Question

Consider an electron that is 10−10 m from an alpha particle

Answer 1

a) $2.88\cdot 10^{11} N/C$

b) $1.44\cdot 10^{11} N/C$

c) $4.6\cdot 10^{-8} N$

Explanation:

a)

The magnitude of the electric field produced by a single-point charge is given by the equation

$E=\frac{kQ}{r^2}$

where

k is the Coulomb's constant

Q is the charge source of the field

r is the distance from the charge

The field has direction:

- Out from the charge if the charge is positive

- Towards the charge if the charge is negative

In this part, we want to find the electric field due to the alpha particle at the location of the electron. We have:

$q=3.2\cdot 10^{-19}C$ (charge of the alpha particle)

$r=10^{-10}m$ distance of the electron from the alpha particle

So, the electric field is

$E=\frac{(9\cdot 10^9)(3.2\cdot 10^{-19})}{(10^{-10})^2}=2.88\cdot 10^{11} N/C$

And since the alpha particle is positively charged, the direction of the field is out from the particle.

b)

Here we want to find the electric field due to the electron at the location of the alpha particle.

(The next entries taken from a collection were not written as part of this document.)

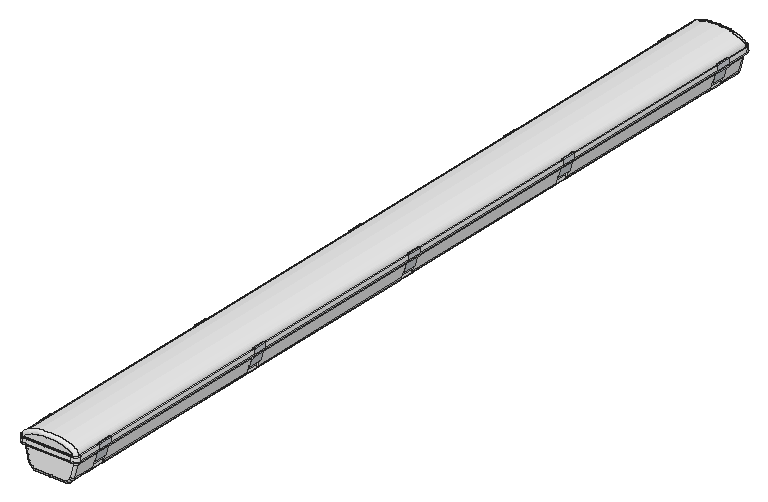
Revit family "0048625", category Lighting Fixtures, host Face, Revit 2017
Family settings
  Host = Face
  Round Connector Dimension = Use Diameter
  Part Type = Normal
  OmniClass Number = 23.80.70.11.14
  OmniClass Title = General Luminaries, Directional
  Cut with Voids When Loaded = Yes
  Light Source = Yes
  Shared = No
  Room Calculation Point = No
Parameters
  Width = 110 mm
  Weight = "2.49 kg"
  Wattage Comments = "n/a"
  Wattage = 67 W
  WarrantyStartDate [instance] = "n/a"
  WarrantyGuarantorParts = "n/a"
  WarrantyDurationUnit = "n/a"
  WarrantyDurationParts = "n/a"
  WarrantyDescription = "n/a"
  built-in parameter 1150110 = 1 (stored number, unit not read)
  Voltage = 230 V
  URL = "https://www.sylvania-lighting.com/"
  TypeName = "START WATERPROOF TWIN 1500 HO IP65 8300LM 840"
  Type Image = <None>
  Type Comments = "n/a"
  built-in parameter 1114217 = 1 (stored number, unit not read)
  Tilt Angle = -90.00°
  built-in parameter 1150109 = 1 (stored number, unit not read)
  built-in parameter 1150134 = 12
  built-in parameter 1150113 = 1 (stored number, unit not read)
  SerialNumber [instance] = "n/a"
  ReflectorMaterial = none
  PowerFactor = 0.9
  PowerConsumption = "67 W"
  Photometric Web File = "0048625.ies"
  NominalWidth = 0 mm
  NominalLength = 1578 mm
  NominalHeight = 78 mm
  Name = "START WATERPROOF TWIN 1500 HO IP65 8300LM 840"
  ModelReference = "START WATERPROOF TWIN 1500 HO IP65 8300LM 840"
  ModelNumber = "0048625"
  Model = "START WATERPROOF TWIN 1500 HO IP65 8300LM 840"
  Material = "polycarbonate housing, polycarbonate diffuser"
  ManufacturerName = "Feilo Sylvania"
  Manufacturer = "Feilo Sylvania"
  LuminousEfficacy = "124 lm/W"
  built-in parameter 1150105 = 661.13 (stored number, unit not read)
  Lumens = 8308 lm
  LuminaireType = "Weatherproof"
  built-in parameter 1150115 = 1 (stored number, unit not read)
  LightOutputRatio = "n/a"
  built-in parameter 1150137 = (empty or 0)
  built-in parameter 1150139 = (empty or 0)
  Length = 1572 mm
  LampsType = Lamp  # "LED"
  LampNominalLuminous = "8300 lm"
  LampMacAdamStep = "3"
  LampColourTemperature = "4000 K"
  LampColourRenderingIndex = "80"
  built-in parameter 1150112 = 1 (stored number, unit not read)
  built-in parameter 1150114 = 1 (stored number, unit not read)
  Lamp = "LED"
  Keynote = "16500"
  InstallationDate [instance] = "n/a"
  InputVoltage = "220-240V~"
  InputNominalFrequency = "50/60 Hz"
  built-in parameter 1150132 = (empty or 0)
  built-in parameter 1150102 = (empty or 0)
  built-in parameter 1150107 = 4000 (stored number, unit not read)
  built-in parameter 1150138 = (empty or 0)
  IngressProtection = "IP65"
  ImpactProtectionIndex = "IK08"
  built-in parameter 1150106 = 6.6113 (stored number, unit not read)
  IfcExportType = "IfcLightFixtureType"
  IfcExportAs = "IfcLightFixtureType"
  ExpectedLife = 50000
  Emit from Rectangle Width = Width - 20 mm  # 90 mm
  Emit from Rectangle Length = Length - 20 mm  # 1552 mm
  Emit Shape Visible in Rendering = no
  ElectricShockClassification = "Class I"
  built-in parameter 1150104 = 11.52 (stored number, unit not read)
  DurationUnit = "hours"
  DocumentationLiterature = "https://www.sylvania-lighting.com/product/en-int/products/0048625/"
  DimmingControlOptions = "Non dimmable"
  Dimming Lamp Color Temperature Shift = <None>
  DiffuserMaterial = Diffuser-Sylvania-Transparent
  Description = ""
  Default Elevation = 1219.2 mm
  CreatedOn = "11/9/2017"
  CreatedBy = ""
  Cost = 0
  Color Filter = 16777215
  built-in parameter 1114216 [instance] = (empty or 0)
  ClassificationValue = "EF_70_80"
  ClassificationName = "Uniclass2015"
  BodyMaterial = Body-Sylvania-Gray
  BarCode [instance] = "n/a"
  built-in parameter 1114218 = 1 (stored number, unit not read)
  built-in parameter 1150133 = 10 (stored number, unit not read)
  AssetType = "Fixed"
  AssetIdentifier [instance] = "n/a"
  Assembly Code = "D5020200"
  Apparent Load = 67 VA
  AccessoryMaterial = Diffuser-Sylvania-Glow
Reference planes
  plane 1 "Center (Front/Back)": y = 0
  plane 2: z = 0
  plane 3 "Center (Left/Right)": x = 0
  plane 4: z = 54
  plane 5: x = -27.7
  plane 6: x = -34.8
  plane 7: x = -39.6
  plane 8: x = -42.2
  plane 9: z = 3
  plane 10: z = 7.8
  plane 11: z = 12.3
  plane 12: z = 36.6
  plane 13: z = 42.8
  plane 14: x = -51.1
  plane 15: z = 46.2
  plane 16: x = -55
  plane 17: y = 786
  plane 18: y = -786
  plane 19: x = 27.7
  plane 20: x = 34.8
  plane 21: x = 39.6
  plane 22: x = 42.2
  plane 23: x = 51.1
  plane 24: x = 55
  plane 25: y = 778.4
  plane 26: y = -778.4
  plane 27: y = -774.7
  plane 28: y = 774.7
  plane 29: z = 74
  plane 30: x = -51.5
  plane 31: x = 51.5
  plane 32: z = 55.2
  plane 33: y = -782.5
  plane 34: y = 782.5
  plane 35: x = -37.5
  plane 36: x = 37.5
  plane 37: x = -48.7
  plane 38: x = 48.7
  plane 39: x = 18
  plane 40: x = -18
  plane 41: z = 50.2
  plane 42: z = 24.6
  plane 43: y = 720
  plane 44: y = 706
  plane 45: y = 734
  plane 46: y = -720
  plane 47: y = 720
  plane 48: y = 706
  plane 49: y = 734
  plane 50: y = -720
  plane 51: y = -734
  plane 52: y = -706
  plane 53: y = 360
  plane 54: y = 346
  plane 55: y = 374
  plane 56: y = 0
  plane 57: y = -14
  plane 58: y = 14
  plane 59: y = -360
  plane 60: y = -374
  plane 61: y = -346
Forms (mm)
  Sweep 1, solid, material "Body-Sylvania-Gray" <- "BodyMaterial", detail levels medium+fine
    path origin (1223.4, -4572, 54) x (0, -1, 0) y (1, 0, 0)
      loop
        arc (-3796, -1278.4) -> (-3788.929, -1275.471) -> (-3786, -1268.4) r 10
        line (-3786, -1268.4) -> (-3786, -1178.4)
        arc (-3786, -1178.4) -> (-3788.929, -1171.329) -> (-3796, -1168.4) r 10
        line (-3796, -1168.4) -> (-5348, -1168.4)
        arc (-5348, -1168.4) -> (-5355.071, -1171.329) -> (-5358, -1178.4) r 10
        line (-5358, -1178.4) -> (-5358, -1268.4)
        arc (-5358, -1268.4) -> (-5355.071, -1275.471) -> (-5348, -1278.4) r 10
        line (-5348, -1278.4) -> (-3796, -1278.4)
    profile origin (-55, 0, 54) x (-1, 0, 0) y (0, 0, 1)
      loop
        line (0, 0) -> (-1, 0) -> (-1, -7.726)
        arc (-1, -7.726) -> (-1.994, -9.498) -> (-3.9, -10.2) r 2.937
        line (-3.9, -10.2) -> (-8.571, -10.2) -> (-8.571, -11.2) -> (-3.9, -11.2)
        arc (-3.9, -11.2) -> (-1.313, -10.231) -> (0, -7.8) r 3.937
        line (0, -7.8) -> (0, 0)
  Sweep 2, solid, material "Body-Sylvania-Gray" <- "BodyMaterial", detail levels medium+fine
    path origin (0, 0, 0) x (1, 0, 0) y (0, 0, 1)
      loop
        line (48.7, 42.8) -> (48.7, 36.6) -> (42.203, 12.31)
        arc (42.203, 12.31) -> (41.199, 9.884) -> (39.6, 7.8) r 10.052
        line (39.6, 7.8) -> (34.8, 3)
        arc (34.8, 3) -> (31.554, 0.781) -> (27.7, 0) r 9.902
        line (27.7, 0) -> (0, 0) -> (-27.7, 0)
        arc (-27.7, 0) -> (-31.554, 0.781) -> (-34.8, 3) r 9.902
        line (-34.8, 3) -> (-39.6, 7.8)
        arc (-39.6, 7.8) -> (-41.199, 9.884) -> (-42.203, 12.31) r 10.052
        line (-42.203, 12.31) -> (-48.7, 36.6) -> (-48.7, 42.8)
    profile origin (0, 0, 0) x (0, 0, -1) y (0, -1, 0)
      loop
        arc (0, 773.4) -> (-1.464, 776.936) -> (-5, 778.4) r 5
        line (-5, 778.4) -> (-7.8, 778.4) -> (-7.8, -778.4) -> (-5, -778.4)
        arc (-5, -778.4) -> (-1.464, -776.936) -> (0, -773.4) r 5
        line (0, -773.4) -> (0, 773.4)
  Extrusion 3, solid, material "Body-Sylvania-Gray" <- "BodyMaterial", detail levels medium+fine
    sketch origin (1524, 778.4, 1219.2) x (1, 0, 0) y (0, 0, 1)
      loop
        arc (-1558.668, -1204.874) -> (-1558.443, -1205.418) -> (-1558.085, -1205.885) r 2.252
        line (-1558.085, -1205.885) -> (-1553.231, -1210.738)
        arc (-1553.231, -1210.738) -> (-1552.534, -1211.227) -> (-1551.7, -1211.4) r 2.102
        line (-1551.7, -1211.4) -> (-1496.3, -1211.4)
        arc (-1496.3, -1211.4) -> (-1495.466, -1211.227) -> (-1494.769, -1210.738) r 2.102
        line (-1494.769, -1210.738) -> (-1489.915, -1205.885)
        arc (-1489.915, -1205.885) -> (-1489.557, -1205.418) -> (-1489.332, -1204.874) r 2.252
        line (-1489.332, -1204.874) -> (-1483.1, -1181.575) -> (-1483.1, -1176.4) -> (-1564.9, -1176.4) -> (-1564.9, -1181.575) -> (-1558.668, -1204.874)
    from 0 to 1556.8
  Sweep 4, solid, material "Diffuser-Sylvania-Transparent" <- "DiffuserMaterial", detail levels medium+fine
    path origin (0, 0, 0) x (1, 0, 0) y (0, 0, 1)
      loop
        spline (-51.5, 55.2) -> (-49.745, 60.066) -> (-44.6, 64.6) -> (-36.416, 68.494) -> (-25.75, 71.481) -> (-13.329, 73.359) -> (0, 74) -> (13.329, 73.359) -> (25.75, 71.481) -> (36.416, 68.494) -> (44.6, 64.6) -> (49.745, 60.066) -> (51.5, 55.2)
    profile origin (51.5, 0, 55.2) x (0, -1, 0) y (1, 0, 0)
      loop
        arc (782.5, -5.5) -> (780.889, -1.611) -> (777, 0) r 5.5
        line (777, 0) -> (-777, 0)
        arc (-777, 0) -> (-780.889, -1.611) -> (-782.5, -5.5) r 5.5
        line (-782.5, -5.5) -> (-782.5, -6.3) -> (-781.5, -6.3) -> (-781.5, -5.5)
        arc (-781.5, -5.5) -> (-780.182, -2.318) -> (-777, -1) r 4.5
        line (-777, -1) -> (777, -1)
        arc (777, -1) -> (780.182, -2.318) -> (781.5, -5.5) r 4.5
        line (781.5, -5.5) -> (781.5, -6.347) -> (782.5, -6.347) -> (782.5, -5.5)
  Extrusion 5, solid, material "Diffuser-Sylvania-Transparent" <- "DiffuserMaterial", detail levels medium+fine
    sketch origin (1524, -782.5, 1219.2) x (1, 0, 0) y (0, 0, 1)
      loop
        line (-1569.653, -1164) -> (-1478.347, -1164)
        spline (-1478.347, -1164) -> (-1478.969, -1162.594) -> (-1482.527, -1159.545) -> (-1489.588, -1156.201) -> (-1499.458, -1153.445) -> (-1511.242, -1151.663) -> (-1524, -1151.049) -> (-1536.758, -1151.663) -> (-1548.542, -1153.445) -> (-1558.412, -1156.201) -> (-1565.473, -1159.545) -> (-1569.031, -1162.594) -> (-1569.653, -1164)
    from 0 to -1
  Extrusion 6, solid, material "Diffuser-Sylvania-Transparent" <- "DiffuserMaterial", detail levels medium+fine
    sketch origin (1524, 782.5, 1219.2) x (1, 0, 0) y (0, 0, 1)
      loop
        spline (-1478.3, -1164) -> (-1478.931, -1162.565) -> (-1482.502, -1159.505) -> (-1489.572, -1156.155) -> (-1499.446, -1153.394) -> (-1511.236, -1151.614) -> (-1524, -1151.007) -> (-1536.764, -1151.614) -> (-1548.554, -1153.394) -> (-1558.428, -1156.155) -> (-1565.498, -1159.505) -> (-1569.069, -1162.565) -> (-1569.7, -1164)
        line (-1569.7, -1164) -> (-1478.3, -1164)
    from 0 to 1
  Extrusion 7, solid, material "Diffuser-Sylvania-Transparent" <- "DiffuserMaterial", detail levels medium+fine
    sketch origin (1223.4, -4572, 55.2) x (0, -1, 0) y (-1, 0, 0)
      loop
        arc (-5353.5, 1177.4) -> (-5352.182, 1174.218) -> (-5349, 1172.9) r 4.5
        line (-5349, 1172.9) -> (-3795, 1172.9)
        arc (-3795, 1172.9) -> (-3791.818, 1174.218) -> (-3790.5, 1177.4) r 4.5
        line (-3790.5, 1177.4) -> (-3790.5, 1269.4)
        arc (-3790.5, 1269.4) -> (-3791.818, 1272.582) -> (-3795, 1273.9) r 4.5
        line (-3795, 1273.9) -> (-5349, 1273.9)
        arc (-5349, 1273.9) -> (-5352.182, 1272.582) -> (-5353.5, 1269.4) r 4.5
        line (-5353.5, 1269.4) -> (-5353.5, 1177.4)
      loop
        line (-5358, 1268.4) -> (-5358, 1178.4)
        arc (-5358, 1178.4) -> (-5355.071, 1171.329) -> (-5348, 1168.4) r 10
        line (-5348, 1168.4) -> (-3796, 1168.4)
        arc (-3796, 1168.4) -> (-3788.929, 1171.329) -> (-3786, 1178.4) r 10
        line (-3786, 1178.4) -> (-3786, 1268.4)
        arc (-3786, 1268.4) -> (-3788.929, 1275.471) -> (-3796, 1278.4) r 10
        line (-3796, 1278.4) -> (-5348, 1278.4)
        arc (-5348, 1278.4) -> (-5355.071, 1275.471) -> (-5358, 1268.4) r 10
    from 0 to 1.2
  Extrusion 8, solid, material "Diffuser-Sylvania-Glow" <- "AccessoryMaterial", detail levels fine
    sketch origin (0, 0, 0) x (1, 0, 0) y (0, 0, 1)
      loop
        circle (-18, 50.2) r 8
      loop
        circle (18, 50.2) r 8
    from -774.7 to 774.7
  Extrusion 9, void
    sketch origin (0, 720, 2343.807) x (0, 0, -1) y (-1, 0, 0)
      loop
        line (2340.807, -37.5) -> (2331.507, -37.5) -> (2319.207, -42.2) -> (2319.207, -48.7) -> (2340.807, -48.7) -> (2340.807, -37.5)
      loop
        line (2340.807, 37.5) -> (2340.807, 48.7) -> (2319.207, 48.7) -> (2319.207, 42.2) -> (2331.507, 37.5) -> (2340.807, 37.5)
    from -14 to 14
  Extrusion 10, solid, material "Body-Sylvania-Gray" <- "BodyMaterial", detail levels coarse
    sketch origin (0, 0, 0) x (1, 0, 0) y (0, 0, 1)
      loop
        line (55, 42.8) -> (55, 55.2) -> (-55, 55.2) -> (-55, 42.791) -> (-42.2, 0) -> (42.2, 0) -> (55, 42.8)
    from -786 to 786
  Extrusion 11, solid, material "Diffuser-Sylvania-Transparent" <- "DiffuserMaterial", detail levels coarse
    sketch origin (0, 0, 0) x (1, 0, 0) y (0, 0, 1)
      loop
        arc (51.5, 55.2) -> (0, 74) -> (-51.5, 55.2) r 79.939
        line (-51.5, 55.2) -> (51.5, 55.2)
    from 778.4 to -778.4
  Extrusion 12, void, not visible
    sketch origin (0, 720, 2343.807) x (0, 0, -1) y (-1, 0, 0)
      loop
        line (2340.807, -37.5) -> (2331.507, -37.5) -> (2319.207, -42.2) -> (2319.207, -48.7) -> (2340.807, -48.7) -> (2340.807, -37.5)
      loop
        line (2340.807, 37.5) -> (2340.807, 48.7) -> (2319.207, 48.7) -> (2319.207, 42.2) -> (2331.507, 37.5) -> (2340.807, 37.5)
    from -14 to 14
  Extrusion 13, void
    sketch origin (0, -720, 2343.807) x (0, 0, -1) y (-1, 0, 0)
      loop
        line (2340.807, -37.5) -> (2331.507, -37.5) -> (2319.207, -42.2) -> (2319.207, -48.7) -> (2340.807, -48.7) -> (2340.807, -37.5)
      loop
        line (2340.807, 37.5) -> (2340.807, 48.7) -> (2319.207, 48.7) -> (2319.207, 42.2) -> (2331.507, 37.5) -> (2340.807, 37.5)
    from -14 to 14
  Extrusion 14, void
    sketch origin (0, 360, 2343.807) x (0, 0, -1) y (-1, 0, 0)
      loop
        line (2340.807, -37.5) -> (2331.507, -37.5) -> (2319.207, -42.2) -> (2319.207, -48.7) -> (2340.807, -48.7) -> (2340.807, -37.5)
      loop
        line (2340.807, 37.5) -> (2340.807, 48.7) -> (2319.207, 48.7) -> (2319.207, 42.2) -> (2331.507, 37.5) -> (2340.807, 37.5)
    from -14 to 14
  Extrusion 15, void
    sketch origin (0, 0, 2343.807) x (0, 0, -1) y (-1, 0, 0)
      loop
        line (2340.807, -37.5) -> (2331.507, -37.5) -> (2319.207, -42.2) -> (2319.207, -48.7) -> (2340.807, -48.7) -> (2340.807, -37.5)
      loop
        line (2340.807, 37.5) -> (2340.807, 48.7) -> (2319.207, 48.7) -> (2319.207, 42.2) -> (2331.507, 37.5) -> (2340.807, 37.5)
    from -14 to 14
  Extrusion 16, void
    sketch origin (0, -360, 2343.807) x (0, 0, -1) y (-1, 0, 0)
      loop
        line (2340.807, -37.5) -> (2331.507, -37.5) -> (2319.207, -42.2) -> (2319.207, -48.7) -> (2340.807, -48.7) -> (2340.807, -37.5)
      loop
        line (2340.807, 37.5) -> (2340.807, 48.7) -> (2319.207, 48.7) -> (2319.207, 42.2) -> (2331.507, 37.5) -> (2340.807, 37.5)
    from -14 to 14
Cuts and joins
  Extrusion 9, Extrusion 13, Extrusion 14, Extrusion 15, Extrusion 16 cuts Sweep 2
  Extrusion 13, Extrusion 14, Extrusion 15, Extrusion 16 cuts Extrusion 3
  joined: Sweep 2, Extrusion 3
  joined: Sweep 4, Extrusion 5, Extrusion 6
Dimensions and locks
  locked: plane 4 to plane 2 at 54
  plane 5 to plane 6 to plane 7 to plane 8 to plane 14 to plane 16 = 7.1 mm locked, 4.8 mm locked, 2.6 mm locked, 8.9 mm, 3.9 mm
  plane 4 to plane 15 to plane 13 to plane 12 to plane 11 to plane 10 to plane 9 = 7.8 mm locked, 3.4 mm, 6.2 mm locked, 24.3 mm locked, 4.5 mm locked, 4.8 mm locked
  equal spacing: plane 18, plane 1 "Center (Front/Back)", plane 17
  "Length": plane 18 to plane 17
  plane 19 to plane 20 to plane 21 to plane 22 to plane 23 to plane 24 = 7.1 mm locked, 4.8 mm locked, 2.6 mm locked, 8.9 mm, 3.9 mm
  equal spacing: plane 24, plane 3 "Center (Left/Right)", plane 16
  "Width": plane 24 to plane 16
  equal spacing: plane 27, plane 1 "Center (Front/Back)", plane 28
  locked: plane 26 to plane 27 at 3.7
  locked: Sweep 1 sketch curve to profile plane at 1
  locked: Sweep 1 sketch curve to plane 13 at 1
  locked: Sweep 1 sketch curve to plane 13 at 3.937  (x2)
  locked: Sweep 1 sketch curve to profile plane at 3.9  (x2)
  locked: plane 29 to plane 4 at 20
  equal spacing: plane 31, plane 3 "Center (Left/Right)", plane 30
  locked: plane 30 to plane 16 at 3.5
  locked: plane 32 to plane 4 at 1.2
  equal spacing: plane 33, plane 1 "Center (Front/Back)", plane 34
  equal spacing: plane 36, plane 3 "Center (Left/Right)", plane 35
  locked: plane 3 "Center (Left/Right)" to plane 35 at 37.5
  locked: plane 34 to plane 17 at 3.5
  equal spacing: plane 38, plane 3 "Center (Left/Right)", plane 37
  locked: plane 37 to plane 16 at 6.3
  equal spacing: plane 25, plane 1 "Center (Front/Back)", plane 26
  locked: plane 17 to plane 25 at 7.6
  locked: Sweep 2 sketch curve to plane 2 at 5  (x2)
  locked: Sweep 2 sketch curve to plane 26 at 5
  locked: plane 25 to Sweep 2 sketch curve at 5
  locked: Sweep 4 sketch curve to plane 31 at 5.5  (x2)
  locked: Sweep 4 sketch curve to plane 34 at 5.5
  plane 33 to Sweep 4 sketch curve = 5.5 mm
  locked: plane 34 to Sweep 4 sketch curve at 1
  locked: Sweep 4 sketch curve to plane 31 at 1
  locked: Sweep 4 sketch curve to Sweep 4 sketch curve at 1
  locked: Sweep 4 sketch curve to plane 31 at 6.347
  locked: Sweep 4 sketch curve to plane 31 at 6.3
  equal spacing: plane 39, plane 3 "Center (Left/Right)", plane 40
  locked: plane 3 "Center (Left/Right)" to plane 40 at 18
  locked: plane 42 to plane 2 at 24.6
  plane 45 to plane 43 to plane 44 = 14 mm locked, 14 mm locked
  locked: plane 17 to plane 43 at 66
  equal spacing: plane 43, plane 1 "Center (Front/Back)", plane 46
  plane 49 to plane 47 to plane 48 = 14 mm locked, 14 mm locked
  plane 52 to plane 50 to plane 51 = 14 mm locked, 14 mm locked  (x2)
  equal spacing: group 1, group 6, group 7, group 8, group 5  (x2)
  equal spacing: group 5, group 8, group 7, group 6, group 1
  plane 55 to plane 53 to plane 54 = 14 mm locked, 14 mm locked  (x2)
  plane 58 to plane 56 to plane 57 = 14 mm locked, 14 mm locked  (x2)
  plane 61 to plane 59 to plane 60 = 14 mm locked, 14 mm locked  (x2)
  plane 43 to plane 53 to plane 1 "Center (Front/Back)" to plane 59 to plane 50 = 360 mm locked, 360 mm locked, 360 mm locked, 360 mm locked
  aligned and locked: plane 2 to host face
  aligned and locked: level to host face
  aligned and locked: plane 16 to Sweep 1 sketch curve
  aligned and locked: Sweep 1 sketch curve to plane 24
  aligned and locked: plane 18 to Sweep 1 sketch curve
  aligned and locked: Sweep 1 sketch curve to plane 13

We use again the same formula as before:

$E=\frac{kQ}{r^2}$

where

k is the Coulomb's constant

Q is the charge source of the field

r is the distance from the charge

where in this case:

$Q=1.6\cdot 10^{-19}C$ is the charge of the electron

$r=10^{-10}m$ distance of the alpha particle from the electron

Therefore, the electric field due to the electron is

$E=\frac{(9\cdot 10^9)(1.6\cdot 10^{-19})}{(10^{-10})^2}=1.44\cdot 10^{11} N/C$

And since the electron is negatively charged, the direction of the field is towards the electron.

c)

The electrostatic force between two electric charges is given by Coulomb's Law:

$F=\frac{kq_1 q_2}{r^2}$

where

k is the Coulomb's constant

q1, q2 are the two  charges

r is the separation between the two charges

In this problem we have:

$q_1=3.2\cdot 10^{-19}C$ is the charge of the alpha particle

$q_2=1.6\cdot 10^{-19}C$ is the charge of the electron

$r=10^{-10}m$ distance between the two charges

So, the force is

$F=\frac{(9\cdot 10^9)(3.2\cdot 10^{-19})(1.6\cdot 10^{-19})}{(10^{-10})^2}=4.6\cdot 10^{-8} N$

The force is the same on the two particles (Newton's third law of motion), and it is attractive, since the two charges have opposite sign.